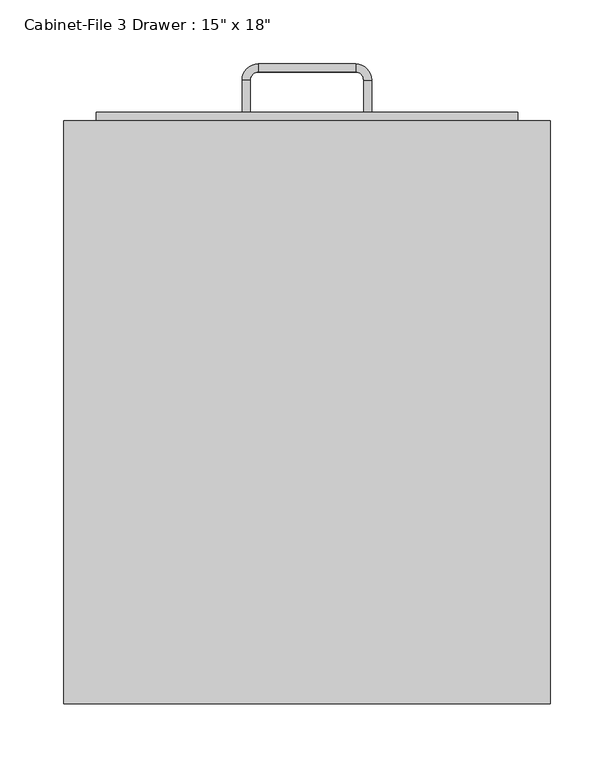
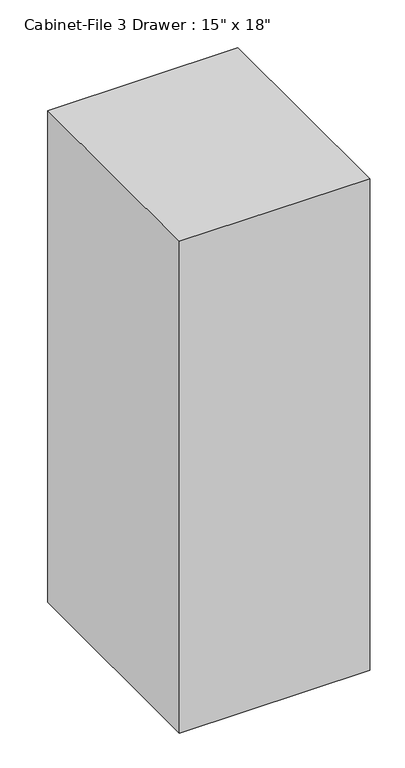
"""IFC4 building model written with IfcOpenShell, lengths in millimetres: furniture geometry."""

from ifc_helpers import new_model, si_unit, frame, origin, origin_with_axes, place, context, project, spatial, polyline, circle_curve, outline, extrude, source, transform, mapped, element, save
from ifc_brep_helpers import plane_surface, cylinder_surface, revolved_surface, advanced_brep


def furniture_48aa8ab9(model_context):
    return source(origin(), model_context, "Body", "SolidModel", [
        extrude(outline(polyline([(62.603553, -86.4656999), (-318.396447, -86.4656999), (-318.396447, 370.7343001), (62.603553, 370.7343001), (62.603553, -86.4656999)])), origin_with_axes(), (0.0, 0.0, 1.0), 1041.4),
        extrude(outline(polyline([(37.203553, 377.0843001), (37.203553, 370.7343001), (-292.996447, 370.7343001), (-292.996447, 377.0843001), (37.203553, 377.0843001)])), frame((0.0, 0.0, 736.6), z_axis=(0.0, 0.0, 1.0), x_axis=(1.0, 0.0, 0.0)), (0.0, 0.0, 1.0), 279.4),
        extrude(outline(polyline([(37.203553, 377.0843001), (37.203553, 370.7343001), (-292.996447, 370.7343001), (-292.996447, 377.0843001), (37.203553, 377.0843001)])), frame((0.0, 0.0, 431.8), z_axis=(0.0, 0.0, 1.0), x_axis=(1.0, 0.0, 0.0)), (0.0, 0.0, 1.0), 279.4),
        extrude(outline(polyline([(37.203553, 377.0843001), (37.203553, 370.7343001), (-292.996447, 370.7343001), (-292.996447, 377.0843001), (37.203553, 377.0843001)])), frame((0.0, 0.0, 127.0), z_axis=(0.0, 0.0, 1.0), x_axis=(1.0, 0.0, 0.0)), (0.0, 0.0, 1.0), 279.4),
        advanced_brep(
        [(-172.346447, 377.0843001, 203.2), (-172.346447, 377.0843001, 215.9), (-178.696447, 377.0843001, 215.9), (-178.696447, 377.0843001, 203.2), (-178.696447, 402.4843001, 203.2), (-172.346447, 402.4843001, 203.2), (-178.696447, 402.4843001, 215.9), (-172.346447, 402.4843001, 215.9), (-165.996447, 415.1843001, 203.2), (-165.996447, 408.8343001, 203.2), (-165.996447, 415.1843001, 215.9), (-165.996447, 408.8343001, 215.9), (-89.796447, 415.1843001, 203.2), (-89.796447, 408.8343001, 203.2), (-89.796447, 415.1843001, 215.9), (-89.796447, 408.8343001, 215.9), (-77.096447, 402.4843001, 203.2), (-83.446447, 402.4843001, 203.2), (-77.096447, 402.4843001, 215.9), (-83.446447, 402.4843001, 215.9), (-83.446447, 377.0843001, 203.2), (-77.096447, 377.0843001, 203.2), (-77.096447, 377.0843001, 215.9), (-83.446447, 377.0843001, 215.9)],
        [
            (0, 1),
            (1, 2),
            (2, 3),
            (3, 0),
            (3, 4),
            (4, 5),
            (5, 0),
            (2, 6),
            (6, 4),
            (1, 7),
            (7, 6),
            (5, 7),
            (8, 9),
            (9, 5, circle_curve(frame((-165.996447, 402.4843001, 203.2), z_axis=(0.0, 0.0, 1.0), x_axis=(-1.0, 0.0, 0.0)), 6.35)),
            (4, 8, circle_curve(frame((-165.996447, 402.4843001, 203.2), z_axis=(0.0, 0.0, -1.0), x_axis=(-1.0, 0.0, 0.0)), 12.7)),
            (10, 8),
            (6, 10, circle_curve(frame((-165.996447, 402.4843001, 215.9), z_axis=(0.0, 0.0, -1.0), x_axis=(-1.0, 0.0, 0.0)), 12.7)),
            (11, 10),
            (7, 11, circle_curve(frame((-165.996447, 402.4843001, 215.9), z_axis=(0.0, 0.0, -1.0), x_axis=(-1.0, 0.0, 0.0)), 6.35)),
            (9, 11),
            (8, 12),
            (12, 13),
            (13, 9),
            (10, 14),
            (14, 12),
            (11, 15),
            (15, 14),
            (13, 15),
            (16, 17),
            (17, 13, circle_curve(frame((-89.796447, 402.4843001, 203.2), z_axis=(0.0, 0.0, 1.0), x_axis=(0.0, 1.0, 0.0)), 6.35)),
            (12, 16, circle_curve(frame((-89.796447, 402.4843001, 203.2), z_axis=(0.0, 0.0, -1.0), x_axis=(0.0, 1.0, 0.0)), 12.7)),
            (18, 16),
            (14, 18, circle_curve(frame((-89.796447, 402.4843001, 215.9), z_axis=(0.0, 0.0, -1.0), x_axis=(0.0, 1.0, 0.0)), 12.7)),
            (19, 18),
            (15, 19, circle_curve(frame((-89.796447, 402.4843001, 215.9), z_axis=(0.0, 0.0, -1.0), x_axis=(0.0, 1.0, 0.0)), 6.35)),
            (17, 19),
            (20, 21),
            (21, 22),
            (22, 23),
            (23, 20),
            (16, 21),
            (20, 17),
            (18, 22),
            (19, 23),
        ],
        [
            plane_surface(frame((-978.8216451, 377.0843001, 0.0), z_axis=(0.0, -1.0, 0.0), x_axis=(0.0, 0.0, -1.0))),
            plane_surface(frame((-172.346447, 377.0843001, 203.2), z_axis=(0.0, 0.0, -1.0), x_axis=(0.0, 1.0, 0.0))),
            plane_surface(frame((-178.696447, 377.0843001, 203.2), z_axis=(-1.0, 0.0, 0.0), x_axis=(0.0, 1.0, 0.0))),
            plane_surface(frame((-178.696447, 377.0843001, 215.9), z_axis=(0.0, 0.0, 1.0), x_axis=(0.0, 1.0, 0.0))),
            plane_surface(frame((-172.346447, 377.0843001, 215.9), z_axis=(1.0, 0.0, 0.0), x_axis=(0.0, 1.0, 0.0))),
            plane_surface(frame((-165.996447, 402.4843001, 203.2), z_axis=(0.0, 0.0, -1.0), x_axis=(-1.0, 0.0, 0.0))),
            cylinder_surface(frame((-165.996447, 402.4843001, 0.0), z_axis=(0.0, 0.0, 1.0), x_axis=(-1.0, 0.0, 0.0)), 12.7),
            plane_surface(frame((-165.996447, 402.4843001, 215.9), z_axis=(0.0, 0.0, 1.0), x_axis=(-1.0, 0.0, 0.0))),
            revolved_surface(polyline([(-172.34644699999998, 402.4843001, 215.9), (-172.34644699999998, 402.4843001, 203.2)]), (-165.996447, 402.4843001, 0.0), (0.0, 0.0, 1.0)),
            plane_surface(frame((-165.996447, 408.8343001, 203.2), z_axis=(0.0, 0.0, -1.0), x_axis=(1.0, 0.0, 0.0))),
            plane_surface(frame((-165.996447, 415.1843001, 203.2), z_axis=(0.0, 1.0, 0.0), x_axis=(1.0, 0.0, 0.0))),
            plane_surface(frame((-165.996447, 415.1843001, 215.9), z_axis=(0.0, 0.0, 1.0), x_axis=(1.0, 0.0, 0.0))),
            plane_surface(frame((-165.996447, 408.8343001, 215.9), z_axis=(0.0, -1.0, 0.0), x_axis=(1.0, 0.0, 0.0))),
            plane_surface(frame((-89.796447, 402.4843001, 203.2), z_axis=(0.0, 0.0, -1.0), x_axis=(0.0, 1.0, 0.0))),
            cylinder_surface(frame((-89.796447, 402.4843001, 0.0), z_axis=(0.0, 0.0, 1.0), x_axis=(0.0, 1.0, 0.0)), 12.7),
            plane_surface(frame((-89.796447, 402.4843001, 215.9), z_axis=(0.0, 0.0, 1.0), x_axis=(0.0, 1.0, 0.0))),
            revolved_surface(polyline([(-89.796447, 408.8343001, 215.9), (-89.796447, 408.8343001, 203.2)]), (-89.796447, 402.4843001, 0.0), (0.0, 0.0, 1.0)),
            plane_surface(frame((-877.2216451, 377.0843001, 0.0), z_axis=(0.0, -1.0, 0.0), x_axis=(0.0, 0.0, 1.0))),
            plane_surface(frame((-83.446447, 402.4843001, 203.2), z_axis=(0.0, 0.0, -1.0), x_axis=(0.0, -1.0, 0.0))),
            plane_surface(frame((-77.096447, 402.4843001, 203.2), z_axis=(1.0, 0.0, 0.0), x_axis=(0.0, -1.0, 0.0))),
            plane_surface(frame((-77.096447, 402.4843001, 215.9), z_axis=(0.0, 0.0, 1.0), x_axis=(0.0, -1.0, 0.0))),
            plane_surface(frame((-83.446447, 402.4843001, 215.9), z_axis=(-1.0, 0.0, 0.0), x_axis=(0.0, -1.0, 0.0))),
        ],
        [
            (0, [[1, 2, 3, 4]]),
            (1, [[5, 6, 7, -4]]),
            (2, [[8, 9, -5, -3]]),
            (3, [[10, 11, -8, -2]]),
            (4, [[-7, 12, -10, -1]]),
            (5, [[13, 14, -6, 15]]),
            (6, [[16, -15, -9, 17]]),
            (7, [[18, -17, -11, 19]]),
            (8, [[20, -19, -12, -14]]),
            (9, [[21, 22, 23, -13]]),
            (10, [[24, 25, -21, -16]]),
            (11, [[26, 27, -24, -18]]),
            (12, [[-23, 28, -26, -20]]),
            (13, [[29, 30, -22, 31]]),
            (14, [[32, -31, -25, 33]]),
            (15, [[34, -33, -27, 35]]),
            (16, [[36, -35, -28, -30]]),
            (17, [[37, 38, 39, 40]]),
            (18, [[41, -37, 42, -29]]),
            (19, [[43, -38, -41, -32]]),
            (20, [[44, -39, -43, -34]]),
            (21, [[-42, -40, -44, -36]]),
        ],
    ),
        advanced_brep(
        [(-172.346447, 377.0843001, 482.6), (-172.346447, 377.0843001, 495.3), (-178.696447, 377.0843001, 495.3), (-178.696447, 377.0843001, 482.6), (-178.696447, 402.4843001, 482.6), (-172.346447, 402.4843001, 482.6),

_Exercise instructions_
Reproduce verbatim the lines of the material above, beginning with its first line and ending with the line that contains "from ifc_helpers import"; skip pictures.

_Answer space_
"""IFC4 building model written with IfcOpenShell, lengths in millimetres: furniture geometry."""

from ifc_helpers import new_model, si_unit, frame, origin, origin_with_axes, place, context, project, spatial, polyline, circle_curve, outline, extrude, source, transform, mapped, element, save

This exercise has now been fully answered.